# Weighing MH at a weighbridge



## DaveJM (Dec 29, 2008)

This might be a very naive post but having read another current topic about MH weights I thought I would enquire at my local council weighbridge as to the best time to take my MH.

"Sunday morning when we're not too busy" the man in the kiosk said. OK I said "I would like to weigh the whole MH and then the front and rear axle weights separately - would that be OK.

No he said we will just weigh the whole vehicle - that's it. I said but I need to know whether I am possibly overloading the axles so I would like to weigh each axle separently. No he said we can't be farting around - we will just weigh the whole vehicle. In any case he said weighing each axle won't be accurate.

Never having taken a vehicle to a weighbridge am I being naive in not knowing what to do or ask for or is this guy a "jobsworth on a Friday afternoon"

Any thoughts?


David


----------



## Landyman (Apr 3, 2010)

I have weighed our M/H twice now, at a local mill that has a weighbridge.
I just drive on and then go to the office where they log-on to their 'puter and get the total weight, then I drive forward so that the front wheels are clear of the bridge. That gives them the weight of the rear axle.

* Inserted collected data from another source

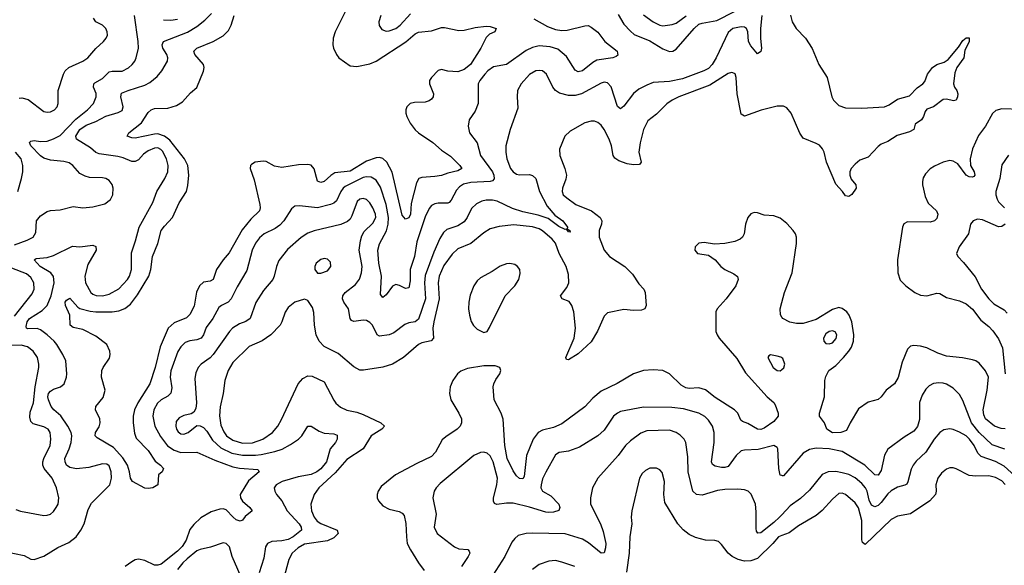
# Model space of a CAD drawing. Header units: inches. Extents: x 1649636 to 1815363, y 506543 to 641975.
# Tile 372 of 656: x 1715322 to 1721365, y 621615 to 624964. Entities that reach past the tile are written whole.
import ezdxf

# ---------------------------------------------------------------- set-up
doc = ezdxf.new("R2010")
doc.units = ezdxf.units.IN
doc.header["$MEASUREMENT"] = 0
doc.layers.add('B7612', color=7, linetype='Continuous')
doc.layers.add('B7622', color=7, linetype='Continuous')

msp = doc.modelspace()

# ---------------------------------------------------------------- linework, layer by layer
at = {"layer": 'B7612', "color": 5}
for points, elevation in [([(1717335.7, 625044.3), (1717258.6, 624890), (1717245.2, 624850), (1717242.9, 624810), (1717248.2, 624790), (1717265.8, 624750), (1717280.9, 624730), (1717350, 624680.7), (1717390, 624677.5), (1717470, 624693.7), (1717510, 624710.1), (1717690.8, 624829.2), (1717750, 624877.6), (1717770, 624887.9), (1717850, 624895.9), (1717910, 624915.2), (1717930, 624916.9), (1718017.8, 624897.8), (1718050, 624900.2), (1718116.7, 624916.7), (1718183.9, 624923.9), (1718210, 624921.3), (1718246, 624910), (1718238, 624890), (1718204.8, 624875.2), (1718185.1, 624854.9), (1718152.1, 624790), (1718089.1, 624690), (1718050, 624658.8), (1718010, 624644.7), (1717950, 624648), (1717910, 624657.6), (1717890, 624652), (1717848.4, 624610), (1717837.6, 624590), (1717837.6, 624570), (1717862, 624510), (1717859.5, 624490), (1717850, 624477), (1717834.1, 624465.9), (1717810, 624457.7), (1717744.1, 624455.9), (1717719.1, 624450), (1717698.7, 624430), (1717691.8, 624410), (1717691.7, 624390), (1717698.5, 624370), (1717718.5, 624330), (1717750, 624287.2), (1717769.4, 624269.4), (1717857.7, 624210), (1717910, 624163.9), (1717966, 624126), (1718023.6, 624070), (1718036.1, 624050), (1718010, 624036), (1717950, 624023.1), (1717910, 624008.4), (1717870, 624001), (1717790, 623996.3), (1717771.6, 623988.4), (1717757.5, 623962.5), (1717724.2, 623835.8), (1717719.5, 623770), (1717710, 623747.8), (1717690, 623739.7), (1717670, 623763.7), (1717608, 624028), (1717574.7, 624090), (1717550, 624113), (1717530, 624118.4), (1717510, 624116.3), (1717450, 624095.3), (1717350, 624035.3), (1717256.7, 624023.3), (1717231.8, 624008.2), (1717190, 623970.8), (1717170, 623964.8), (1717150, 623973.3), (1717129.3, 624049.3), (1717110, 624070.5), (1717090, 624074.5), (1717032.3, 624072.3), (1716930, 624057), (1716886.1, 624066.1), (1716833.8, 624093.8), (1716816.3, 624096.3), (1716767.7, 624090), (1716743.8, 624076.2), (1716738, 624070), (1716735.6, 624050), (1716760.2, 623980.2), (1716796.3, 623830), (1716798.5, 623810), (1716792.9, 623790), (1716740.3, 623739.7), (1716686.6, 623673.4), (1716607.1, 623532.9), (1716570, 623489.8), (1716530.1, 623429.9), (1716510, 623369.7), (1716490, 623358.6), (1716450, 623352.5), (1716424.8, 623330), (1716407.5, 623292.5), (1716393.2, 623206.8), (1716365.4, 623154.6), (1716345.7, 623134.3), (1716270, 623104.4), (1716233.1, 623070), (1716183.9, 622956.1), (1716153.3, 622830), (1716119.8, 622730), (1716047.2, 622612.8), (1716026.3, 622570), (1716018.9, 622530), (1716019.2, 622490), (1716025.8, 622425.8), (1716036, 622396), (1716110, 622320.2), (1716153.9, 622253.9), (1716186.4, 622230), (1716203.8, 622210), (1716196.3, 622190), (1716173.4, 622170), (1716170.3, 622110), (1716138.8, 622090), (1716110, 622086.2), (1716090, 622088.9), (1716014.7, 622130), (1716001.4, 622150), (1715996.5, 622190), (1715984.3, 622230), (1715955.3, 622275.3), (1715897.6, 622337.6), (1715798, 622398), (1715786, 622410), (1715787.1, 622430), (1715810, 622464.4), (1715816.5, 622490), (1715813.8, 622513.8), (1715786.6, 622570), (1715789.7, 622590), (1715834.8, 622645.2), (1715846.2, 622690), (1715824.4, 622770), (1715826, 622810), (1715833.3, 622830), (1715873.9, 622886.1), (1715877.7, 622910), (1715874, 622930), (1715855.8, 622970), (1715790, 623022.4), (1715710, 623061.7), (1715650, 623075.6), (1715632, 623090), (1715629.8, 623150), (1715603.5, 623210), (1715601.6, 623230), (1715610, 623242), (1715630, 623254.4), (1715679.2, 623199.2), (1715691.3, 623191.3), (1715754.3, 623174.3), (1715790, 623171), (1715889.4, 623170.6), (1715930, 623176.2), (1715968.1, 623191.9), (1716001.3, 623218.7), (1716045, 623275), (1716113.7, 623390), (1716126.7, 623430), (1716136.7, 623510), (1716169.9, 623590), (1716190.9, 623670), (1716210, 623697.6), (1716260.5, 623750), (1716300.1, 623839.9), (1716345, 623910), (1716354.1, 623945.9), (1716360.4, 624010), (1716353.6, 624070), (1716333.8, 624110), (1716243.9, 624223.9), (1716210, 624249.5), (1716170, 624262.6), (1716150, 624262.3), (1716030, 624237.3), (1716010, 624238.7), (1715982, 624250), (1715991.5, 624270), (1716069.2, 624330.8), (1716110, 624394.3), (1716128.2, 624411.8), (1716150, 624419), (1716230, 624420.2), (1716283.5, 624436.5), (1716320.3, 624459.7), (1716370, 624515.8), (1716410, 624548.2), (1716450, 624647.3), (1716453.5, 624670), (1716449.8, 624690), (1716396.1, 624750), (1716390.9, 624770), (1716409.7, 624790), (1716509.6, 624830), (1716570, 624864.7), (1716602.7, 624897.3), (1716620.7, 624930), (1716638.1, 624990)], 620), ([(1718995.6, 624995.6), (1719030, 624935.9), (1719070, 624892.8), (1719094, 624874), (1719190, 624834.6), (1719270, 624785.2), (1719310, 624768.6), (1719330, 624771), (1719350, 624782.2), (1719460.9, 624910), (1719490, 624935.7), (1719510, 624943.4), (1719600.8, 624959.2), (1719812.7, 625067.3)], 660), ([(1715230, 621699.1), (1715350, 621674.6), (1715390, 621652.2), (1715410, 621650.3), (1715470, 621672.4), (1715555.5, 621724.5), (1715624.1, 621755.9), (1715668.3, 621790), (1715697.8, 621830), (1715717.3, 621870), (1715741.9, 621958.1), (1715763.2, 621996.8), (1715874.6, 622110), (1715885.7, 622150), (1715884.2, 622190), (1715870, 622226.6), (1715855.8, 622235.8), (1715830, 622238.1), (1715745.2, 622214.8), (1715670, 622208), (1715630, 622215.9), (1715609.9, 622229.9), (1715599.9, 622250), (1715599.2, 622270), (1715625.6, 622330), (1715637.4, 622370), (1715641.3, 622410), (1715637.8, 622430), (1715617.7, 622470), (1715573.5, 622533.5), (1715530.8, 622570), (1715514.6, 622590), (1715497.9, 622630), (1715494.5, 622650), (1715498.8, 622670), (1715510, 622684.4), (1715530, 622696.8), (1715571.8, 622710), (1715595.1, 622730), (1715609.8, 622770), (1715611.7, 622790), (1715604.2, 622870), (1715585.8, 622910), (1715549.1, 622970), (1715534.1, 622990), (1715490.6, 623030), (1715450, 623060.4), (1715430, 623069.4), (1715370, 623067.2), (1715364.4, 623070), (1715361.4, 623081.4), (1715367.4, 623110), (1715382.5, 623130), (1715460.2, 623179.8), (1715489.6, 623210.4), (1715514.1, 623270), (1715533.1, 623350), (1715528.4, 623388.4), (1715513.2, 623410), (1715446.5, 623450), (1715409.6, 623490), (1715422.5, 623497.5), (1715490, 623504.8), (1715530, 623517.6), (1715646.3, 623573.7), (1715690, 623570.2), (1715770, 623580.5), (1715790, 623571), (1715790.4, 623550), (1715739.3, 623460.7), (1715721.2, 623390), (1715725.1, 623350), (1715758.5, 623290), (1715770, 623279.1), (1715791, 623271), (1715830, 623270.2), (1715870, 623279.4), (1715930, 623313.2), (1715982.8, 623370), (1715995.2, 623390), (1716008.6, 623430), (1716007.5, 623532.5), (1716033.1, 623606.9), (1716054.8, 623690), (1716138.3, 623841.7), (1716164.1, 623910), (1716213.6, 623990), (1716230.5, 624029.5), (1716233.2, 624070), (1716222.1, 624110), (1716197.4, 624157.4), (1716188.2, 624168.2), (1716170, 624176.6), (1716150, 624176), (1716110, 624159.9), (1716082, 624138), (1716050, 624103.8), (1716030, 624092.8), (1716010, 624092.8), (1715956.7, 624116.7), (1715925, 624125), (1715810, 624141.2), (1715790, 624149), (1715757.2, 624177.2), (1715669.9, 624229.9), (1715666.1, 624250), (1715690.5, 624290), (1715730, 624317.7), (1715790, 624339), (1715850, 624371.8), (1715925.8, 624394.2), (1715950, 624407.2), (1715956.1, 624430), (1715942, 624490), (1715947.3, 624512.7), (1715987, 624530), (1716090, 624563.2), (1716121.4, 624578.6), (1716165, 624615), (1716193.6, 624650), (1716228.5, 624710), (1716230.8, 624729.2), (1716224.6, 624750), (1716201.1, 624790), (1716196.5, 624810), (1716203.9, 624830), (1716352.6, 624887.4), (1716410, 624921.9), (1716458.6, 624961.4), (1716498.3, 625001.7)], 640), ([(1715290, 623583), (1715367.8, 623610), (1715403.6, 623630), (1715421.7, 623658.3), (1715425.7, 623730), (1715450, 623760.3), (1715490, 623787.8), (1715510, 623793.6), (1715570, 623797.2), (1715650, 623817.2), (1715710.2, 623810.2), (1715770, 623815.9), (1715845.3, 623834.7), (1715878.9, 623861.1), (1715892.8, 623890), (1715895.1, 623930), (1715890, 623952), (1715870, 623977.4), (1715850, 623989.7), (1715830, 623994.2), (1715750, 623996.2), (1715723.1, 624003.1), (1715690, 624019.7), (1715648.2, 624068.2), (1715624.8, 624084.8), (1715593.1, 624093.1), (1715510, 624102.9), (1715470, 624114.6), (1715449, 624129), (1715389.8, 624190), (1715382.3, 624210), (1715390, 624218.9), (1715410, 624223.2), (1715450, 624217.2), (1715490, 624219.4), (1715530, 624232.3), (1715570, 624254.2), (1715666.8, 624353.2), (1715738.6, 624410), (1715775, 624450), (1715791.3, 624490), (1715791.1, 624511.1), (1715775.3, 624550), (1715777.3, 624570), (1715783.6, 624576.4), (1715830, 624603.5), (1715870, 624643.2), (1715890, 624647.6), (1715950, 624647.8), (1715990, 624668), (1716012.8, 624690), (1716028.7, 624710), (1716037.4, 624730), (1716050.7, 624790), (1716049.8, 624830), (1716025.6, 624990)], 660), ([(1715318.2, 624481.8), (1715335.1, 624484.9), (1715373.5, 624473.5), (1715470, 624401.3), (1715490, 624396.4), (1715510, 624398.4), (1715536, 624410), (1715551.8, 624430), (1715557.6, 624450), (1715556.9, 624530), (1715589.8, 624630), (1715600.4, 624650), (1715623.6, 624670), (1715709.5, 624710), (1715740.5, 624730), (1715790, 624787.4), (1715836.9, 624830), (1715853, 624850), (1715860.5, 624870), (1715858.9, 624890), (1715850.8, 624910.8), (1715830, 624929.6), (1715790, 624951.8), (1715774.2, 624974.2)], 680), ([(1719877.5, 624990), (1719868.8, 624910), (1719868.2, 624848.2), (1719874.8, 624790), (1719870.8, 624769.2), (1719850, 624755.3), (1719810, 624802.7), (1719795.6, 624830), (1719791.5, 624890), (1719782.9, 624910), (1719770, 624918.3), (1719750, 624919.8), (1719699.3, 624910), (1719670, 624884.7), (1719597, 624730), (1719572.7, 624690), (1719550, 624665.2), (1719521.7, 624650), (1719390, 624601.8), (1719310, 624584.8), (1719210, 624577.8), (1719170, 624563.1), (1719122.3, 624537.7), (1719088.4, 624511.6), (1719030, 624433), (1719010, 624416.2), (1718990, 624432.3), (1718951.1, 624551.1), (1718930, 624577.2), (1718910, 624579.8), (1718890, 624573.8), (1718770, 624509.8), (1718730, 624498.9), (1718690, 624498.8), (1718633.9, 624513.9), (1718609.8, 624529.8), (1718594.7, 624550), (1718555.1, 624630), (1718530, 624649.6), (1718510, 624653), (1718490, 624649.6), (1718450, 624627.6), (1718398.7, 624570), (1718378, 624530), (1718374.6, 624490), (1718378.5, 624421.4), (1718331.4, 624290), (1718305.4, 624190), (1718304.7, 624150), (1718311, 624110), (1718334, 624050), (1718350, 624030.2), (1718370, 624016.3), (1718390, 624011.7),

Take one from t'other and you've got the weight of the front axle.
They input the reg. no and print it all out on an official looking piece of A4 and I give them a tenner and get change. 
All done by a friendly and smiley bunch in around 4-5 minutes..............but this is in Suffolk, so it's what we expect.
Simples!

Landyman.


----------



## inkey-2008 (May 24, 2008)

A lot of the people at weigh bridges do not understand the maths. 

The council one you are taking about only want to know how muck rubbish is on the truck they do not care if the front or back axles are over weight.


I had trouble trying to explain that my scooter puts more weight on the back axle when it is on the rack than standing on the weigh bridge.

Andy


----------



## motormouth (Jul 3, 2010)

Definitely a jobsworth.
I took mine to a local quarry and they couldn't have been more helpful.


----------



## ingram (May 12, 2005)

As I understand it, from having read peoples comments on this forum previously, weighing the individual axles won't be accurate if the drive on / off the weighbridge is not level: i.e. if the vehicle is not level when only part of it is on the bridge; other than for that reason I don't see why it shouldn't be accurate enough.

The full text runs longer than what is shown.